• _TASK_
How many lines in the records below contain the string "DECAL"? Answer with the number alone.

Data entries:
= = =
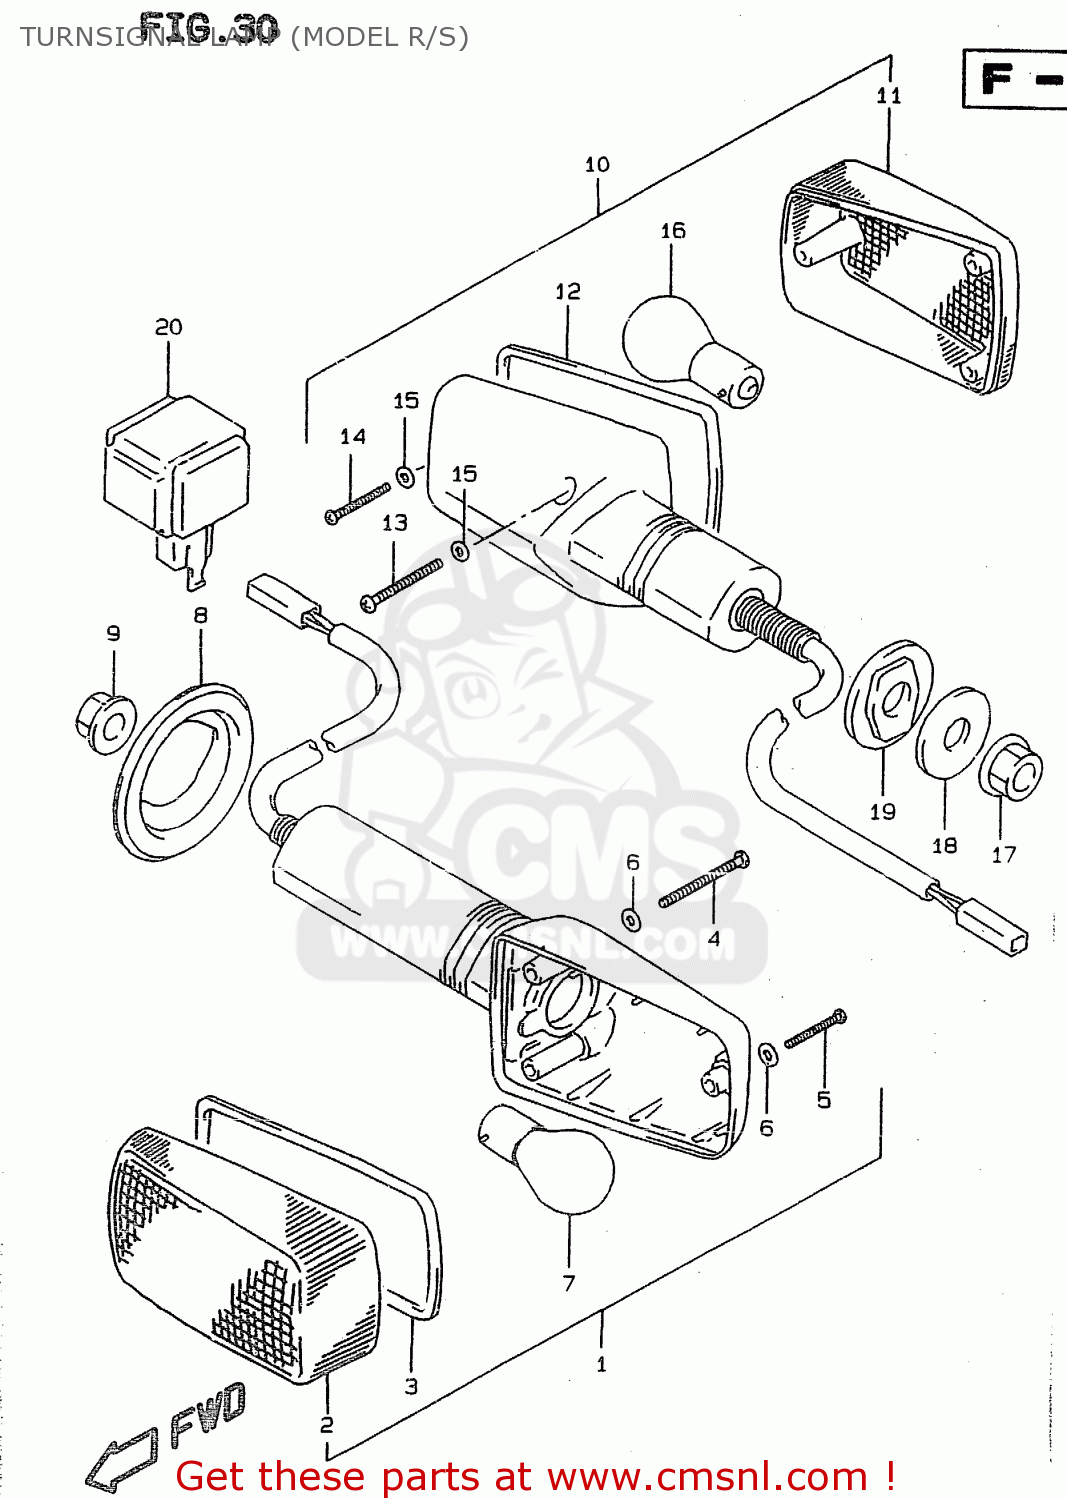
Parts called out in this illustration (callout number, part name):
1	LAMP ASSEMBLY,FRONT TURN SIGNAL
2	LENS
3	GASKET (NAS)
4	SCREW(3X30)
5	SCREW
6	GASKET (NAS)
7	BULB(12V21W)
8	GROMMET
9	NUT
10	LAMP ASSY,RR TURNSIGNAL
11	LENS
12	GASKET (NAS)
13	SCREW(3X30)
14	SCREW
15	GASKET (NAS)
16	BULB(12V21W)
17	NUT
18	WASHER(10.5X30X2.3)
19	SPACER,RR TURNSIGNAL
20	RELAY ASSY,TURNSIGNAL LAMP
= = =
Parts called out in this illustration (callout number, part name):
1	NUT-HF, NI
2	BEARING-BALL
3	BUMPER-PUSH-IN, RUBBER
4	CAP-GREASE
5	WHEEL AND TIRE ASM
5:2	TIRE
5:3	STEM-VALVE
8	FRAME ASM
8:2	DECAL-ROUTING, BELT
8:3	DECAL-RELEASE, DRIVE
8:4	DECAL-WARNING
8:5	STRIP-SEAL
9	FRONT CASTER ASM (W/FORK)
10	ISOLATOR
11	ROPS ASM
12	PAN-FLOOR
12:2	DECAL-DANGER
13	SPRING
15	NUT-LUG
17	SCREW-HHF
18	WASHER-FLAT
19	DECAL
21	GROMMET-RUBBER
= = =
• _ANSWER AREA_
5